In other news, it has been cold here in New Mexico but pretty. The girls are doing fabulously. Some kids like Genea freak out when on a trip away from home. If there is a background of trauma, especially trauma in primary caretaker, the kids can really flip out when going to another house. Other houses in the past have resulted in new parents. Genea is the opposite. She flipped her lid before we left. Oooooh my. She held a refresher course for us in every single gross and obnoxious behavior she ever invented. It was nice to be reminded how far she has come. So, once on the plane to leave for our trip, here comes Uber Genea! The best, most calm and pleasant and helpful, well mannered, thoughtful, kind, quiet child you have ever met. I believe this is to ensure we do not leave her anywhere. Look how great I can be! Make sure you keep me! In fact, I have a backpack puppy leash for Teena and Genea made me go get her monkey pack leash out for the airport. I am serious, it is so cute. She is 6 for crying out loud! She can take it on and off herself! She hands me the leash every time it leaves my hands for whatever reason. I had expected to get some rude comments from people since she is obviously so big so I had a response all ready: "Listen lady/mister, you have NO idea what you are judging here" etc. curse, etc, but no one was rude! Several people said, what a great idea, and a few even asked politely where they could get them. Unreal! I could have used to go off on someone. Why does the world conspire against me?

Teena is of course fine. You could drop that child into the rain forest without shoes and she would manage. She would talk with the parrots and take a nap with the iguanas. I have said this before, I know, deal with me a minute. I am so proud of her confidence and independence. I love that she has always been safe and secure and is so capable and adventurous. Then, when she stays overnight at her grandparents house and we go to get her the next day, she barely flicks an eyeball to us before going back to her fascinating activity, without even saying hi. Little shit.

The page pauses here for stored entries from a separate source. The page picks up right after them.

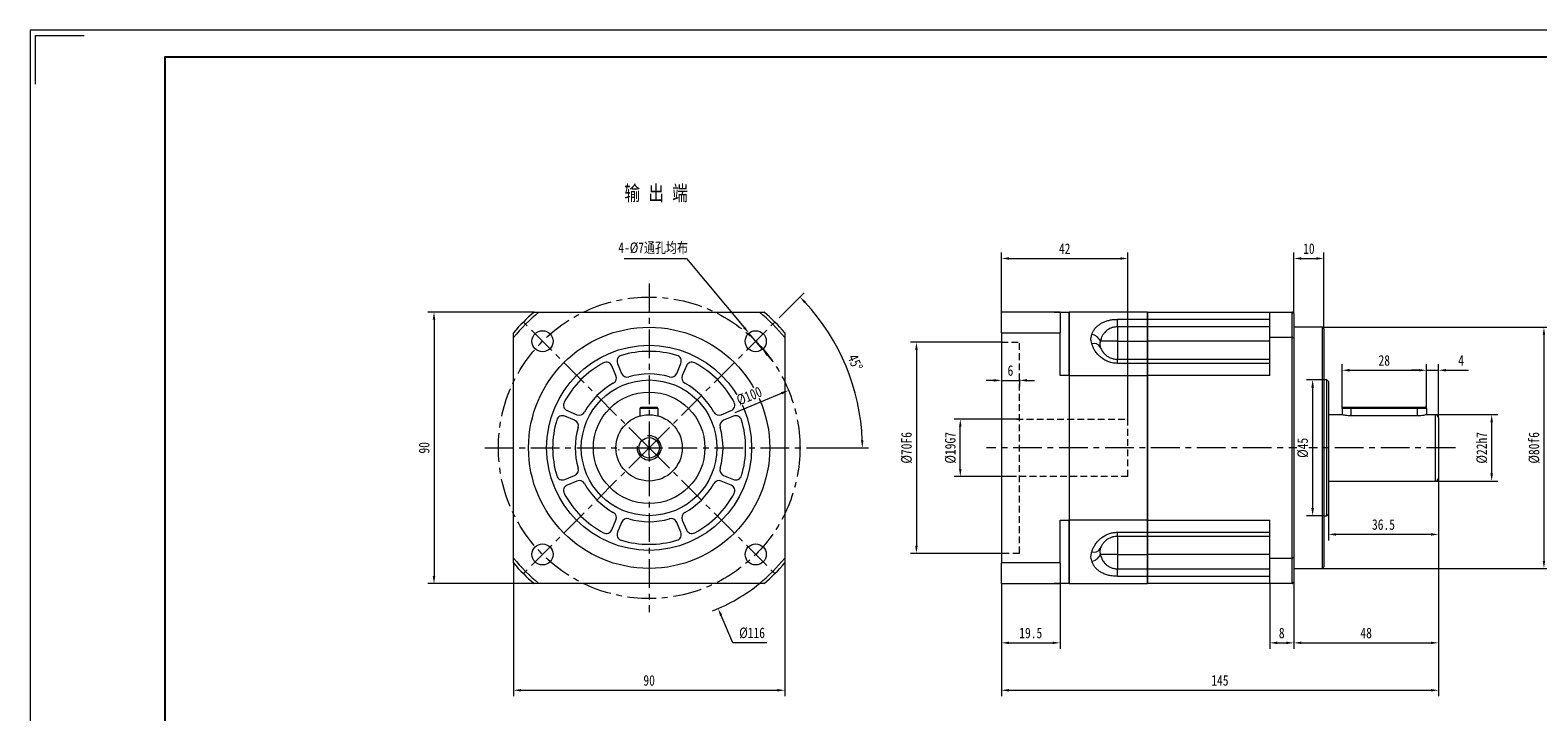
# Model space of a CAD drawing. Header units: millimetres. Extents: x -112 to 638, y -108 to 422.
# Tile 5 of 6: x -112 to 388, y 196 to 422. Entities that reach past the tile are written whole.
import ezdxf

# ---------------------------------------------------------------- set-up
doc = ezdxf.new("R2010")
doc.units = ezdxf.units.MM
doc.header["$LTSCALE"] = 1.5
doc.linetypes.add('CENTER', pattern=[10.16, 6.35, -1.27, 1.27, -1.27])
doc.linetypes.add('DASHED', pattern=[0.75, 0.5, -0.25])
doc.layers.get('0').update_dxf_attribs({"lineweight": 18})
for name, color, linetype, lineweight in [('1轮廓实线层', 7, 'Continuous', 18), ('2细线层', 4, 'Continuous', 18), ('3中心线层', 1, 'CENTER', 18), ('4虚线层', 6, 'DASHED', 18), ('7标注层', 4, 'Continuous', 18), ('图框_外框线', 7, 'Continuous', 18)]:
    doc.layers.add(name, color=color, linetype=linetype, lineweight=lineweight)
doc.styles.add('PC_TEXTSTYLE', font='txt', dxfattribs={"width": 0.8})
doc.styles.add('TH_GBDIM', font='txt', dxfattribs={"width": 0.8})
doc.dimstyles.new('TH_GBDIM', dxfattribs={"dimtxt": 3.5, "dimasz": 2.5, "dimexe": 2, "dimexo": 0, "dimgap": 1.5, "dimtad": 1, "dimdec": 1, "dimdsep": 46, "dimtxsty": 'TH_GBDIM', "dimcen": 2.5, "dimdle": 5, "dimclrd": 4, "dimclre": 4, "dimclrt": 3, "dimadec": 0, "dimazin": 2, "dimtfac": 0.714286, "dimtdec": 1, "dimtmove": 0, "dimatfit": 3, "dimfxl": 0, "dimtolj": 1, "dimarcsym": 0})

# ---------------------------------------------------------------- blocks, each defined once
blk = doc.blocks.new('*X4')
at = {"layer": '7标注层'}
for points in [[(372.13, 292.47), (372.96, 292.47), (372.55, 294.97)], [(372.13, 275.47), (372.96, 275.47), (372.55, 272.97)]]:
    blk.add_hatch(color=4, dxfattribs=at).paths.add_polyline_path(points, flags=0)
at = {"layer": '7标注层', "color": 4}
for p, q in [((353.92, 294.97), (374.55, 294.97)), ((372.55, 292.47), (372.55, 275.47)), ((353.92, 272.97), (374.55, 272.97))]:
    blk.add_line(p, q, dxfattribs=at)
at = {"layer": '7标注层', "color": 3, "insert": (369.3, 283.97), "char_height": 3.5, "width": 19.2889, "attachment_point": 5, "rotation": 90, "style": 'TH_GBDIM'}
blk.add_mtext('%%C22h7', dxfattribs=at)
blk = doc.blocks.new('*X5')
at = {"layer": '7标注层'}
for points in [[(389.48, 321.47), (390.31, 321.47), (389.89, 323.97)], [(389.48, 246.47), (390.31, 246.47), (389.89, 243.97)]]:
    blk.add_hatch(color=4, dxfattribs=at).paths.add_polyline_path(points, flags=0)
at = {"layer": '7标注层', "color": 4}
for p, q in [((316.42, 323.97), (391.89, 323.97)), ((389.89, 321.47), (389.89, 246.47)), ((316.42, 243.97), (391.89, 243.97))]:
    blk.add_line(p, q, dxfattribs=at)
at = {"layer": '7标注层', "color": 3, "insert": (386.64, 283.97), "char_height": 3.5, "width": 19.32, "attachment_point": 5, "rotation": 90, "style": 'TH_GBDIM'}
blk.add_mtext('%%C80f6', dxfattribs=at)
blk = doc.blocks.new('*X6')
at = {"layer": '7标注层'}
for points in [[(195.88, 290.97), (196.71, 290.97), (196.3, 293.47)], [(195.88, 276.97), (196.71, 276.97), (196.3, 274.47)]]:
    blk.add_hatch(color=4, dxfattribs=at).paths.add_polyline_path(points, flags=0)
at = {"layer": '7标注层', "color": 4}
for p, q in [((215.92, 293.47), (194.3, 293.47)), ((196.3, 276.97), (196.3, 290.97)), ((214.92, 274.47), (194.3, 274.47))]:
    blk.add_line(p, q, dxfattribs=at)
at = {"layer": '7标注层', "color": 3, "insert": (193.05, 283.97), "char_height": 3.5, "width": 19.2889, "attachment_point": 5, "rotation": 90, "style": 'TH_GBDIM'}
blk.add_mtext('%%C19G7', dxfattribs=at)
blk = doc.blocks.new('*X7')
at = {"layer": '7标注层'}
for points in [[(181.34, 316.47), (182.17, 316.47), (181.76, 318.97)], [(181.34, 251.47), (182.17, 251.47), (181.76, 248.97)]]:
    blk.add_hatch(color=4, dxfattribs=at).paths.add_polyline_path(points, flags=0)
at = {"layer": '7标注层', "color": 4}
for p, q in [((209.92, 318.97), (179.76, 318.97)), ((181.76, 316.47), (181.76, 251.47)), ((209.92, 248.97), (179.76, 248.97))]:
    blk.add_line(p, q, dxfattribs=at)
at = {"layer": '7标注层', "color": 3, "insert": (178.51, 283.97), "char_height": 3.5, "width": 19.32, "attachment_point": 5, "rotation": 90, "style": 'TH_GBDIM'}
blk.add_mtext('%%C70F6', dxfattribs=at)
blk = doc.blocks.new('*X8')
at = {"layer": '7标注层'}
for points in [[(207.42, 306.76), (207.42, 305.93), (209.92, 306.35)], [(218.42, 306.76), (218.42, 305.93), (215.92, 306.35)]]:
    blk.add_hatch(color=4, dxfattribs=at).paths.add_polyline_path(points, flags=0)
at = {"layer": '7标注层', "color": 4}
for p, q in [((207.42, 306.35), (204.92, 306.35)), ((209.92, 306.77), (209.92, 304.35)), ((209.92, 306.35), (215.92, 306.35)), ((215.92, 306.77), (215.92, 304.35)), ((218.42, 306.35), (220.92, 306.35))]:
    blk.add_line(p, q, dxfattribs=at)
at = {"layer": '7标注层', "color": 3, "insert": (212.92, 309.6), "char_height": 3.5, "width": 3.1733, "attachment_point": 5, "style": 'TH_GBDIM'}
blk.add_mtext('6', dxfattribs=at)
blk = doc.blocks.new('*X9')
at = {"layer": '7标注层'}
for points in [[(212.42, 347.19), (212.42, 346.36), (209.92, 346.77)], [(249.42, 347.19), (249.42, 346.36), (251.92, 346.77)]]:
    blk.add_hatch(color=4, dxfattribs=at).paths.add_polyline_path(points, flags=0)
at = {"layer": '7标注层', "color": 4}
for p, q in [((209.92, 328.97), (209.92, 348.77)), ((212.42, 346.77), (249.42, 346.77)), ((251.92, 293.47), (251.92, 348.77))]:
    blk.add_line(p, q, dxfattribs=at)
at = {"layer": '7标注层', "color": 3, "insert": (230.92, 350.02), "char_height": 3.5, "width": 7.1867, "attachment_point": 5, "style": 'TH_GBDIM'}
blk.add_mtext('42', dxfattribs=at)
blk = doc.blocks.new('*X10')
at = {"layer": '7标注层'}
for points in [[(212.42, 203.98), (212.42, 203.15), (209.92, 203.57)], [(352.42, 203.98), (352.42, 203.15), (354.92, 203.57)]]:
    blk.add_hatch(color=4, dxfattribs=at).paths.add_polyline_path(points, flags=0)
at = {"layer": '7标注层', "color": 4}
for p, q in [((354.92, 273.97), (354.92, 201.57)), ((209.92, 238.97), (209.92, 201.57)), ((212.42, 203.57), (352.42, 203.57))]:
    blk.add_line(p, q, dxfattribs=at)
at = {"layer": '7标注层', "color": 3, "insert": (282.42, 206.82), "char_height": 3.5, "width": 10.5467, "attachment_point": 5, "style": 'TH_GBDIM'}
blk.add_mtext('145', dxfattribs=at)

I went yarn shopping in Taos at . Get a bucket out first for your drool so you don't short out your keyboard. Their website is a little janky, but if you can find it, check out their Forever Random colors. Then, go rob a bank so you can buy some. I blew my whole yarn budget so cannot go yarn shopping in Sante Fe. However, I did not tap into my handbag budget at all, nor my Liz Claiborne budget. Wheeeeeee! Going tomorrow to the fancy outlet stores. Although last year, Liz had clothes surely beat by the ugly stick so I am not going to get my sorry little hopes up. Cut price, seconds and returned items at Coach will more than make up for the sad Liz clothes.

This has been my first chance to get to the computer for some time. I have been reading blogs in my minutes of free time and keeping up with everyone by reader but have not been able to get into comments as my time is being sucked into a vortex from hell (yeah, no I have no idea what that means but it sounds really bad which is my point).

I'll be home in a few days. I have a LOT of great stories, one that includes Genea being so brave she decided she never needs to be brave again. She has done it. LOL!